Isabella’s life began without any cause for concern — her first two years were filled with memories and milestones just like every other child — but by the age of 2, she began to complain of frequent back and stomach pain.
After months of misdiagnoses, an MRI revealed a tumor in her abdomen and that the disease had spread to her bone marrow. She was diagnosed with stage 4 neuroblastoma and immediately began chemotherapy.
Isabella spent the next five years fighting, undergoing five relapses, each time her chances of survival reducing drastically. On June 28, 2012, she succumbed to the cancer at 7 years old.
The Isabella Santos Foundation was founded shortly after her diagnosis and originally aimed to help pay the Santos family’s mounting medical bills and fund the constant flights to New York City and Philadelphia in search of effective treatments. Within about a year and a half, ISF transitioned into a charity that helps fund collaborative pediatric cancer research both locally and nationally.
In 2020, the foundation sharpened its mission even further to focus on fulfilling Isabella’s three wishes: to beat cancer, grow hair, and live her dreams.
Funds donated to the Beat Cancer program go to Levine Children’s Hospital to help build the ISF Rare & Solid Tumor Program. The program opened in July 2020 with the arrival of world-renowned cancer researcher Dr. Giselle Sholler. Since then, solidtumor patient volume has doubled and patients are traveling to Charlotte from more than 20 countries for care.
The Grow Hair program gives to national institutions supporting clinical trials. The goal is to provide safer and more effective cancer treatment options for those fighting.
Through the Live My Dreams giving program, ISF partners with organizations such as OneBlood, The Ronald McDonald House of Charlotte and Make-AWish Foundation to help support families impacted by childhood cancer.
Erin Santos is a staunch advocate for improving Charlotte’s pediatric cancer treatment options following her own experience navigating the region’s healthcare system.
In a 2016 interview with Creative Loafing, Santos admitted she had to take her home city “out of the equation” when it came to getting the best care for Isabella.

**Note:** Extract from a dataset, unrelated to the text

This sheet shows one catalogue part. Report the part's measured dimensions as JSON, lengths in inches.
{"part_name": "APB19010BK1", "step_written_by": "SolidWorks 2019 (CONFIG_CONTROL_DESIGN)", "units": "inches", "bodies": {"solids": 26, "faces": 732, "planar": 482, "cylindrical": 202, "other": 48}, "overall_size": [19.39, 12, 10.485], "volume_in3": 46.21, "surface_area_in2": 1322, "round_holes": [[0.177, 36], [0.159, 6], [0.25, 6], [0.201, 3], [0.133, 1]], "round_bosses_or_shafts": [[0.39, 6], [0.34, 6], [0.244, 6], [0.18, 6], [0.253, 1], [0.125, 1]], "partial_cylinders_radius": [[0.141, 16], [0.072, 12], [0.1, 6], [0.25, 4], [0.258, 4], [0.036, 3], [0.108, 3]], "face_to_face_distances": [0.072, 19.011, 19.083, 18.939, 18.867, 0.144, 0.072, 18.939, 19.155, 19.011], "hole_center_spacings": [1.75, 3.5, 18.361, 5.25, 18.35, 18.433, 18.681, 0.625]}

She hoped ISF’s efforts would one day allow more families to stay in Charlotte for care.
“Wherever the best treatment is is where your child should be,” Santos said. “We need to make it to where that is Charlotte, and that’s what we’re trying to do.”
Toward the end of her fight against cancer, Isabella received a special therapy called MIBG that added 10 more months to her life, including another Christmas and another birthday.

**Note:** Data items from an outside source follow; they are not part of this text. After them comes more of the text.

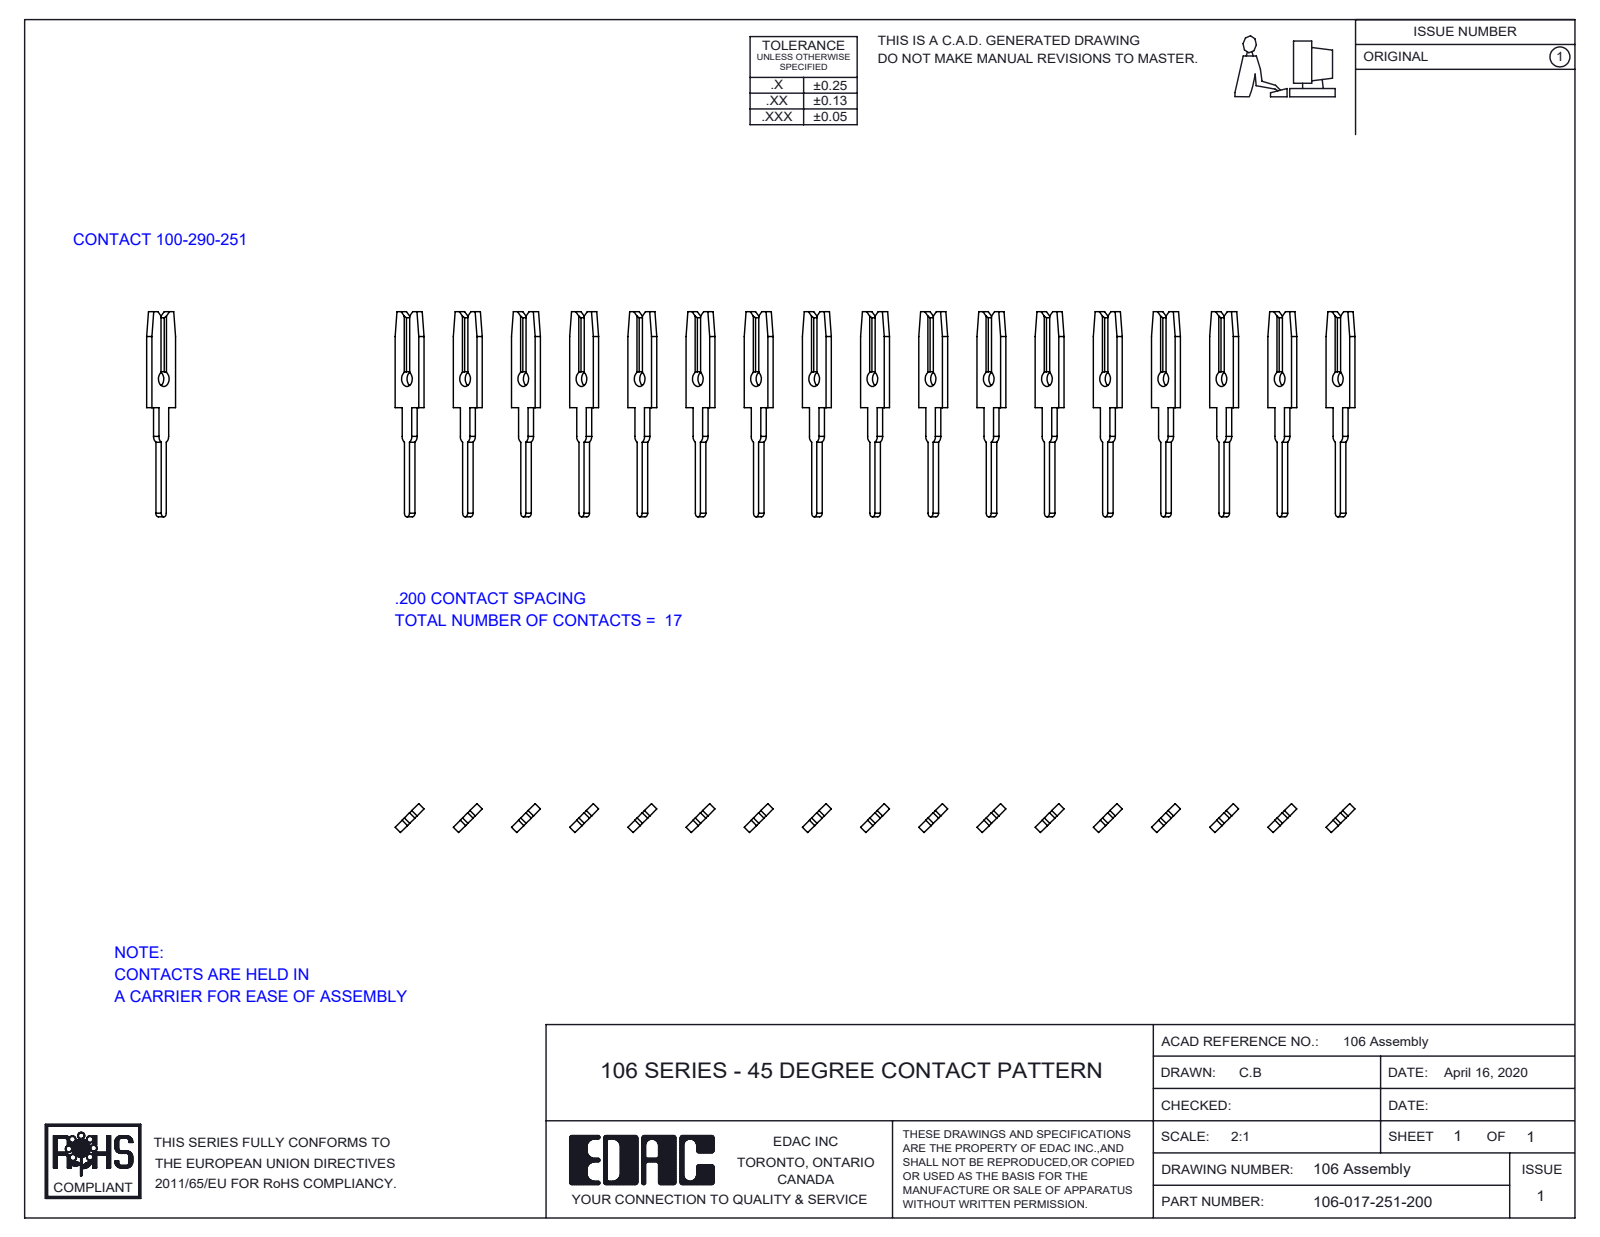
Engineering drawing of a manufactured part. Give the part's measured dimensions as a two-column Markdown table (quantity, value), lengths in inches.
| quantity | value |
| --- | --- |
| part name | 106-017-251-200; 100-290-001_100-290-251 |
| STEP written by | SolidWorks 2016 (CONFIG_CONTROL_DESIGN) |
| units | inches |
| bodies | 17 solids, 476 faces (374 planar, 102 cylindrical, 0 other) |
| overall size | 3.3 × 0.705 × 0.1 |
| volume | 0.019 in³ |
| surface area | 2.368 in² |
| round holes (diameter × count) | 0.052 × 17 |
| partial cylindrical surfaces (radius × count) | 0.012 × 17, 0.024 × 17 |
| main face-to-face distances | 0.141, 0.283, 0.848, 0.707, 0.99, 0.566, 0.424, 1.131, 0.424, 1.272 |
| hole center spacings | 0.141, 0.283, 0.424, 0.848, 0.99, 0.566, 0.707, 1.131 |

At the time, Isabella had to leave Charlotte for her MIBG treatment, which can only be delivered in a lead-lined hospital room that keeps the therapy’s radioactivity in check. Today, this cutting-edge treatment is available at Levine Children’s thanks to funds raised by ISF, and is one of the only MIBG treatment rooms in the region.
ISF may have started with Isabella, but today it is her legacy.
It’s Erin Santos’ dream that her daughter’s fight with cancer will change the outcome for other children through funds raised in her memory. So far, that dream is becoming a reality.